▸ **Try it**
Copy nothing but the lines below, from the one with "## Components (2 placed, 2 different names)" through the one with "Saved by Autodesk Inventor 2012", exactly as written; no pictures should appear.

▸ **Stored entries**
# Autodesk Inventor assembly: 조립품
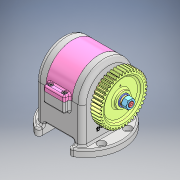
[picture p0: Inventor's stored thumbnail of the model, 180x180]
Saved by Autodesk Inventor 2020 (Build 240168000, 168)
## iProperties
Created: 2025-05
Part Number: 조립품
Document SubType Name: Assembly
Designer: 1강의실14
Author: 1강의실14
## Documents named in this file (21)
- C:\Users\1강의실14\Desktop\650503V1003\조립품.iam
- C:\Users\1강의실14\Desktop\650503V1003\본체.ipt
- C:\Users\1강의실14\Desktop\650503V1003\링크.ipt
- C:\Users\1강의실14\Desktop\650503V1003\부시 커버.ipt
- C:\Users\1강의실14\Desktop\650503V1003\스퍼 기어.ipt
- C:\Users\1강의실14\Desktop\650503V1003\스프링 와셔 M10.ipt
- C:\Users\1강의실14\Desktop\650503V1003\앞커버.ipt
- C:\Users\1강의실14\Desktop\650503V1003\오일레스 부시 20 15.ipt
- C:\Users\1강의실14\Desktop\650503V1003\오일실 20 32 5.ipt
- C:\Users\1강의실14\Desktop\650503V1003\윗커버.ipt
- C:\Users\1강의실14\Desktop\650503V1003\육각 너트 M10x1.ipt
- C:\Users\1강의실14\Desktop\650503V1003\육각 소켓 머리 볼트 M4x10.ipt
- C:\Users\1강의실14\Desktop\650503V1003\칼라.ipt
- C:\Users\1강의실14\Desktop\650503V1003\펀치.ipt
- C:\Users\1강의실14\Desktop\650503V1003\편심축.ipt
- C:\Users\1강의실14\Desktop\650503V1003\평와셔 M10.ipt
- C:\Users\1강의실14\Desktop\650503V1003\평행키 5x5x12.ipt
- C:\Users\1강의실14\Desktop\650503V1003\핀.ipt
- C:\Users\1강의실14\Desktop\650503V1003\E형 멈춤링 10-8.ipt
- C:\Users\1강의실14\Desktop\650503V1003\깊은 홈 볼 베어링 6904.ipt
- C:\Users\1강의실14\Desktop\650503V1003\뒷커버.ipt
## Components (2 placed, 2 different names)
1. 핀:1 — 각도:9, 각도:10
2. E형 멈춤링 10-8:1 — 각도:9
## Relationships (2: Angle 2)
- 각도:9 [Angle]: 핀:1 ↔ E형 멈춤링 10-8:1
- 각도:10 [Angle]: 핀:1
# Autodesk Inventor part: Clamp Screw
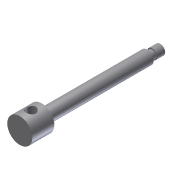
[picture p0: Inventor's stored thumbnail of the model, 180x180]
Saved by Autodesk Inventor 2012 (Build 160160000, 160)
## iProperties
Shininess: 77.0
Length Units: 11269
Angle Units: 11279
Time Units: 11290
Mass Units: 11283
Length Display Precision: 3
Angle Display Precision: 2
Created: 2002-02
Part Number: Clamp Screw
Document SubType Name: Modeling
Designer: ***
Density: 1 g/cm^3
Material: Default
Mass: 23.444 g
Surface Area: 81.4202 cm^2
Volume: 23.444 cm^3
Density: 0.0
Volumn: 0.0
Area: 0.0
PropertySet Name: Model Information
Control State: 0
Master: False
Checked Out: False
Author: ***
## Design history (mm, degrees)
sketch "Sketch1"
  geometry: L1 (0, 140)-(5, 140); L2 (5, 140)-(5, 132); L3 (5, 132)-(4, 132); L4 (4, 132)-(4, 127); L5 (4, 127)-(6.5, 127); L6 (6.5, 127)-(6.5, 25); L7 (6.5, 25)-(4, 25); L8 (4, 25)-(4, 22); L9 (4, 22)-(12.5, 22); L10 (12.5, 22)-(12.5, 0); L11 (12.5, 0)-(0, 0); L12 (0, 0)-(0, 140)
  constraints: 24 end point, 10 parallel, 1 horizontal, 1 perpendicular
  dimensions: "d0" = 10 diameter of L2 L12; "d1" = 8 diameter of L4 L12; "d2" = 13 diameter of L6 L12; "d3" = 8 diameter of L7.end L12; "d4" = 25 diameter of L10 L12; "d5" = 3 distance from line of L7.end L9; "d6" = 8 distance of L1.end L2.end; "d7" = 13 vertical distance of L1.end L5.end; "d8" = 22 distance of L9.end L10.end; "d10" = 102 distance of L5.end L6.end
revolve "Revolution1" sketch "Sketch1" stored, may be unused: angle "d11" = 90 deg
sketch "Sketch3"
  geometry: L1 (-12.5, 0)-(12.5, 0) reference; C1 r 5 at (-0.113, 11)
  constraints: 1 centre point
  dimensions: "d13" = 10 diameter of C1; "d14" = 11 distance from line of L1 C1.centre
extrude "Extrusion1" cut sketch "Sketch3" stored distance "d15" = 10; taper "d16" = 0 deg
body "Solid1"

▸ **Exercise response**
## Components (2 placed, 2 different names)
1. 핀:1 — 각도:9, 각도:10
2. E형 멈춤링 10-8:1 — 각도:9
## Relationships (2: Angle 2)
- 각도:9 [Angle]: 핀:1 ↔ E형 멈춤링 10-8:1
- 각도:10 [Angle]: 핀:1
# Autodesk Inventor part: Clamp Screw
[picture p0: Inventor's stored thumbnail of the model, 180x180]
Saved by Autodesk Inventor 2012 (Build 160160000, 160)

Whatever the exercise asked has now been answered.